A house loan tenure is something that borrowers don’t put enough thought in. The choice of a home loan tenure is not a straight forward answer. While most people go for a tenure that goes as long as the lender will allow, it is not always the best choice.
You may have also deferred the purchase of a house because you were not confident of getting a significant house loan Singapore to finance your home purchase. It is possible that you can get a high housing loan amount if you choose a longer loan tenure while only getting a low loan amount when you choose a shorter one. Although in some instances, the loan tenure you choose for your mortgage can determine your loan amount, there are other things that you should consider when deciding on your home loan tenure.

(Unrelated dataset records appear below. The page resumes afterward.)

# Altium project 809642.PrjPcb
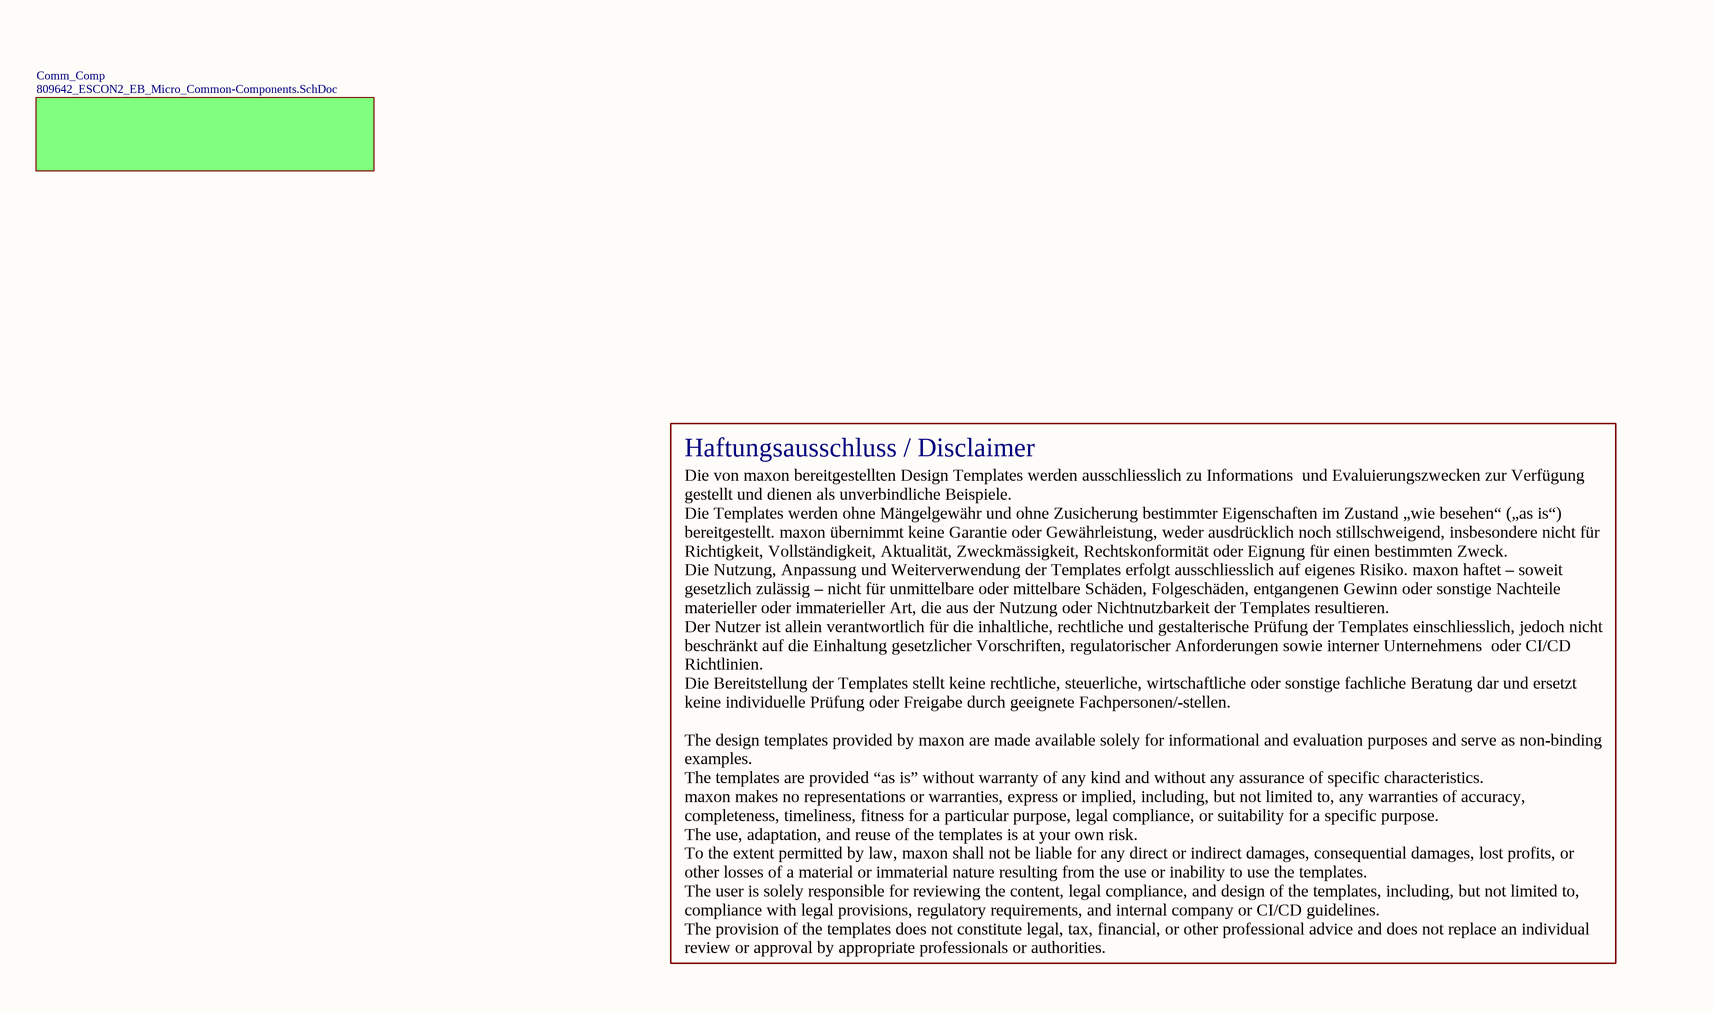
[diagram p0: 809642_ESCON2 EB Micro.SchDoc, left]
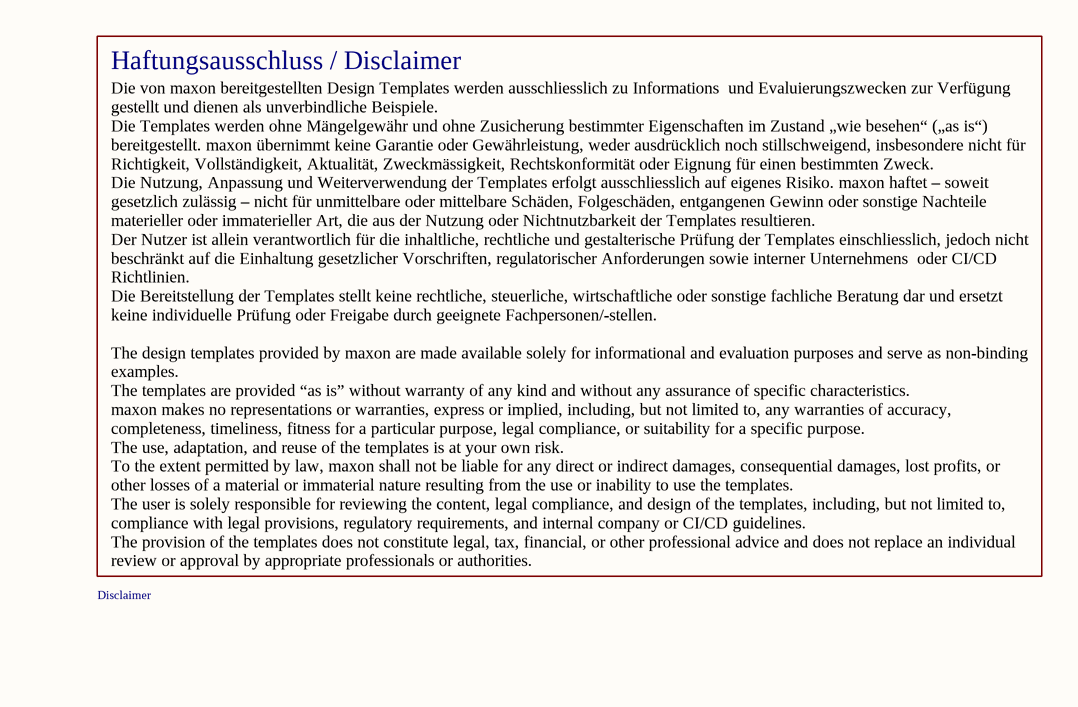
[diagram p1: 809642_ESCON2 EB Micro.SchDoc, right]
CO_no: A100028401; Department: CCMC; PCB_raw: 809642-03
3 sheets, 194 parts. Net scope: hierarchical (ports join the sheet entries above them; power ports are global).
Board file: ESCON2 EB Micro.PcbDoc
Sheets:
  809642_ESCON2 EB Micro.SchDoc
    Comm_Comp = 809642_ESCON2_EB_Micro_Common-Components.SchDoc
      Micro_Comp = 809642_ESCON2_EB_Micro_Micro-Components.SchDoc

## Sheet 809642_ESCON2 EB Micro.SchDoc
size A3; SheetNumber: 1; SheetTotal: 3; Created: MMAGHIN; Modified: MMAGHIN; Reviewed: MMAGWAH; CreatedDate: 10.07.2023; ReviewedDate: 26.03.2024; ModifiedDate1: 26.03.2024

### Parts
(Parts that share a designator on the sheet are numbered #1, #2 ... from top to bottom, then left to right.)
*#1  Disclaimer  (graphical)
*#2  Disclaimer  (value not drawn)  (graphical)

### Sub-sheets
Comm_Comp = 809642_ESCON2_EB_Micro_Common-Components.SchDoc: no entries

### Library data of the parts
*#1 *#2 = CMP-002918-3: Disclaimer Text according to IFS-Doc:13538260

## Sheet 809642_ESCON2_EB_Micro_Common-Components.SchDoc
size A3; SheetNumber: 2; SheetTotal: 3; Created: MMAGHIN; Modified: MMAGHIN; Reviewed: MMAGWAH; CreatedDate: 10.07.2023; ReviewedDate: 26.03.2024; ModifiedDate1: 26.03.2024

In effect the maximum house loan tenure depends on your age. If you are at the age of 35 now, and the official retirement age is 65, your maximum tenure is 30 years. There may also be instances that you are offered a better interest rate if you take up a longer loan tenure. Do note that the longer loan tenure you choose, the more total interest you will pay. So if you are comfortable with that over the long term, the total interest you will pay for your house loan Singapore will be of little issue.
The main reason most people take up home loans with extended loan tenure is to pay a lower monthly installment. Again, you generally pay more total interest with a longer loan tenure. So if you do have cash on hand, you should consider making a greater down payment and obtain a house loan Singapore with a shorter loan tenure so that you can pay off the loan sooner. The monthly installments may be higher, but you will be paying less total interest on your mortgage. When you do make a higher down payment, the loan lender may also see it as your commitment and financial strength. This can result in the best terms offered to you.
If you are reaching retirement age and is certain that your children will be taking over the payments for the Singapore housing loan, it makes sense to include them when you apply for the housing loan. This can potentially get you a longer loan tenure resulting in lower monthly payments that you have to make now. When you retire, your children will also have to only service a lower monthly payment.
High networth investors
If you are going to build up your own property empire, you may want to use a different approach to choosing your property loan. A common approach used by seasoned property investors to leverage their finances is to stretch out the house loan Singapore loan tenure. Stretching out can gain better terms and concessions from the lender. With lower monthly payments, the investor uses less cash to gain control to a house. When the lock-in period of the home loan expires, the property guru refinances the house that has appreciated in market valuation while cashing out on the appreciated home equity. Gaining access to more cash with the cash out refinance, the investor uses it to purchase another property and repeat the process. Although this method of increasing your wealth seem desirable, it is not for the faint-hearted and those that are risk adverse.